2019-2020 Course Offerings
Seminar: Syntax (LING 46000) - Autumn 2019
This course is an advanced graduate seminar in syntax. Through readings from the primary research literature, we will investigate the nature, properties, and precise formulation of some of the elementary (and perhaps some not-so-elementary) operations that build the syntactic structures of human language.
2020-2021 Course Offerings
Syntax 1 (LING 30201) - Autumn 2020
This course is an advanced survey of topics in graduate syntax examining current syntactic theory through detailed analysis of a range of phenomena and readings from the primary research literature.
Seminar: Syntax (LING 46000) - Winter 2021
Seminar on topics related to syntax; topic TBD.
Advanced Syntax (LING 20202) - Spring 2021
Course Description: TBD.
This assignment assumes understanding of the lecture on Approaches to the study of language.
Below you will find a list of lins to recent papers and news or feature stories. Even though you may not be able to understand everything in these articles, you should be able figure out enough in order to answer the questions below.
Art studio pro 2 3 16 mm. First, classify each item according to the level(s) of linguistic analysis that are most clearly involved: (one or more of) phonetics, phonology, morphology, lexicon,syntax, semantics, or pragmatics. A reasonable answer is sometimes something like 'this paper deals primarily with morphology while discussing influences from phonology and semantics,' or 'as a discussion of linguistic nationalism, this paper deals implicitly with all levels of linguistic analysis.' In each case, give a brief (one or two sentence) explanation of your reasoning, so that we can give you as much credit as possible even if we disagree with your conclusion.
Then, classify the same list of titles according to their connections to topics external to language (if any), or the aims of the study.
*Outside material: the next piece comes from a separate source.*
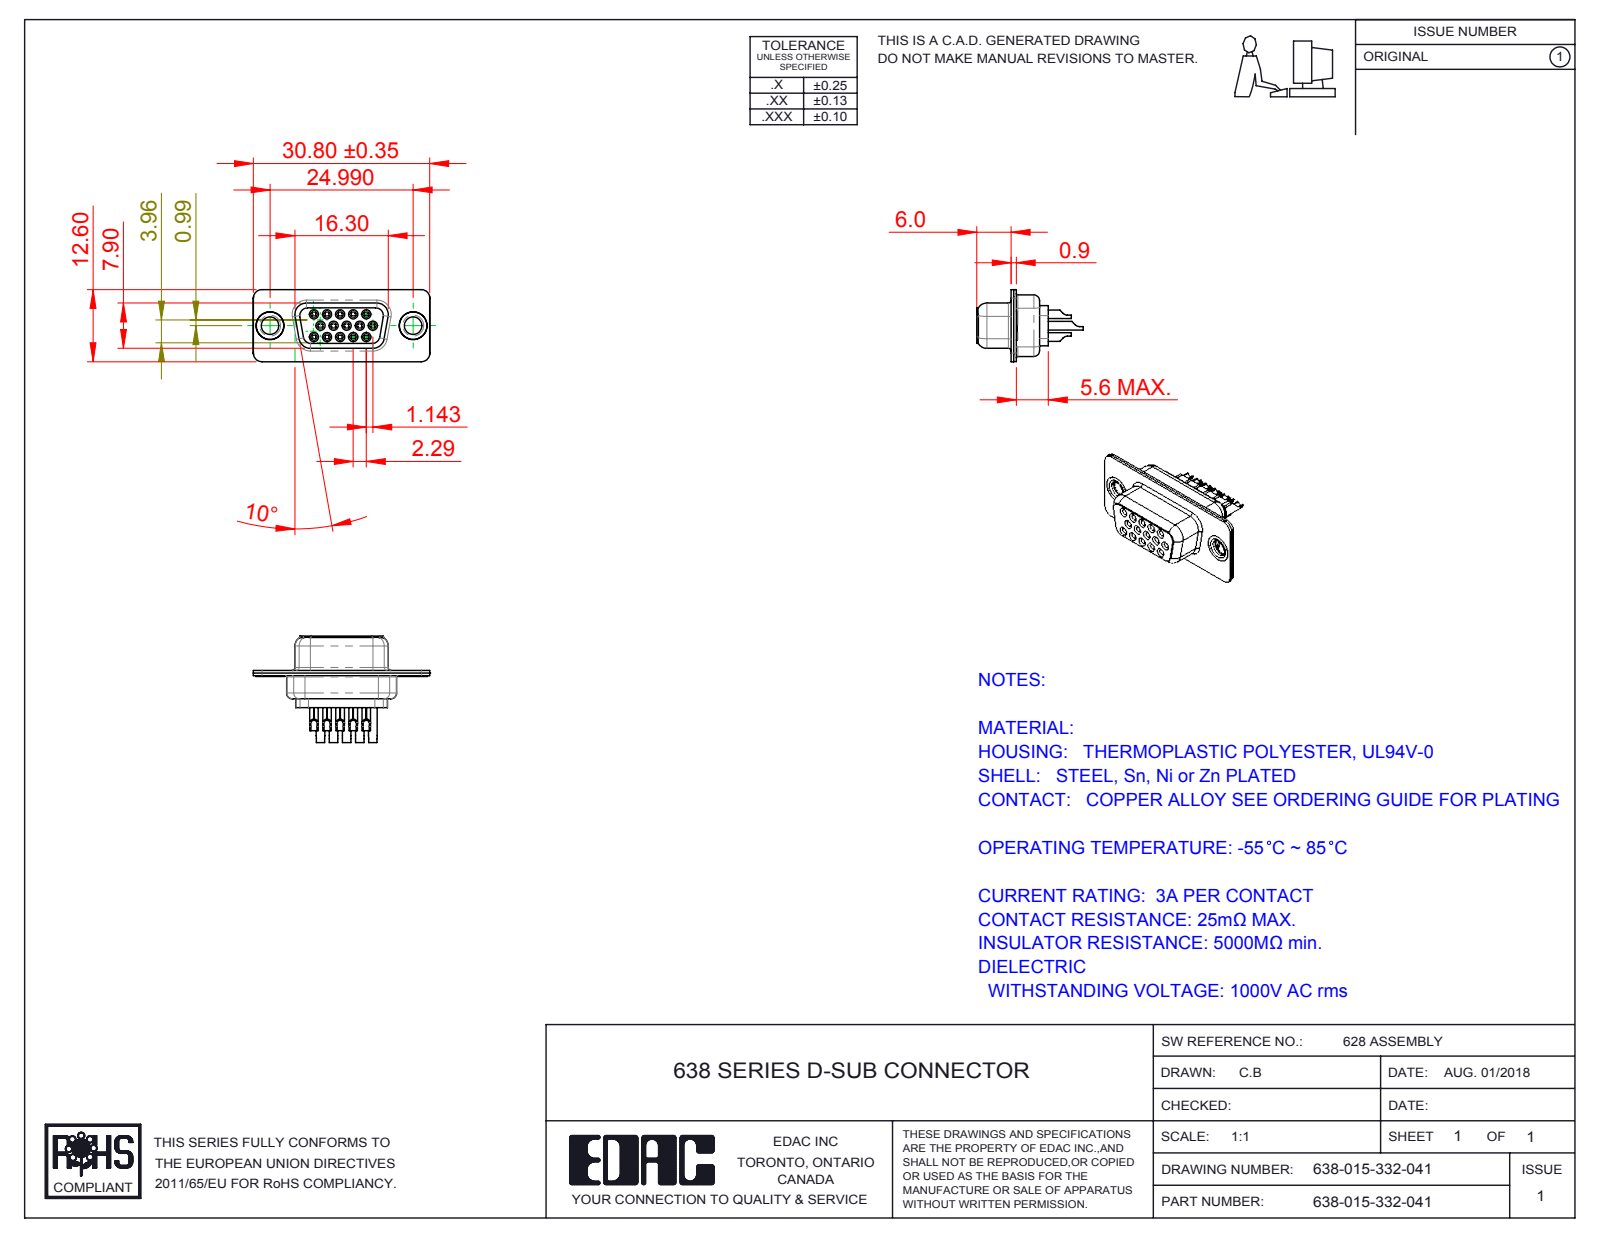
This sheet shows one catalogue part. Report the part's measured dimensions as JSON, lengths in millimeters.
{"part_name": "638 Contact Row 2_32L; 638 Shell Rear_15 Contacts; 638 Housing_15 Contacts; 638 Contact Row 3_32L (+4 more)", "step_written_by": "SolidWorks 2016 (CONFIG_CONTROL_DESIGN)", "units": "millimeters", "bodies": {"solids": 20, "faces": 1588, "planar": 382, "cylindrical": 496, "other": 710}, "overall_size": [30.81, 18.6, 12.6], "volume_mm3": 1525, "surface_area_mm2": 5715, "round_holes": [[0.8, 15], [1, 15], [1.1, 15], [1.6, 15], [1.7, 15], [1.8, 15], [2, 2], [3.05, 2], [4, 2], [4.05, 2], [4.85, 2]], "round_bosses_or_shafts": [[2, 15], [1.5, 15], [1.2, 15], [5, 2], [4.95, 2], [4.8, 2], [3.55, 2]], "partial_cylinders_radius": [[1.5, 20], [2, 12], [0.28, 10], [1.55, 8], [1, 7], [1.35, 5], [0.25, 4], [0.5, 4]], "face_to_face_distances": [0.45, 0.9, 0.4, 1.43, 8.88, 6.6, 1.4, 2.28, 7.05, 0.85], "hole_center_spacings": [3.96, 2.28, 4.57, 2.29, 6.05, 6.04, 6.86, 7.92]}

This is an open-ended list including theoretical linguistics, descriptive linguistics, historical linguistics, sociolinguistics, psycholinguistics, applied linguistics, computational linguistics, neurolinguistics, linguistic typology, anthropological linguistics, biology of language, forensic linguistics, stylistics. You can also choose other categories that you find in the readings or the course lecture notes. Again, there will often be more than one answer, and you should give a brief explanation to help us understand your reasoning and give you as much credit as possible.
If you want, you can look at the similar set of questions and answers from an earlier year.
Linguist 1 911 Dispatcher
Typically, the title and abstract will contain words you don't know. If understanding a particular technical term seems essential to figuring out how to answer the questions, try searching for the word (perhaps in association with other related words from the text) on Google or Wikipedia, or using resources such as SIL's Glossary of Linguistic Terms.
If after a modest but reasonable effort you still find a case puzzling, make your best guess and bring your questions up in recitation.
You should not be surprised to find yourself puzzled, since the correspondence between classificatory taxonomies and the real world is often fuzzy. So the point of the exercise is to show that you understand the taxonomy and also (to the extent that you can at this point) that you understand what the various articles are trying to do.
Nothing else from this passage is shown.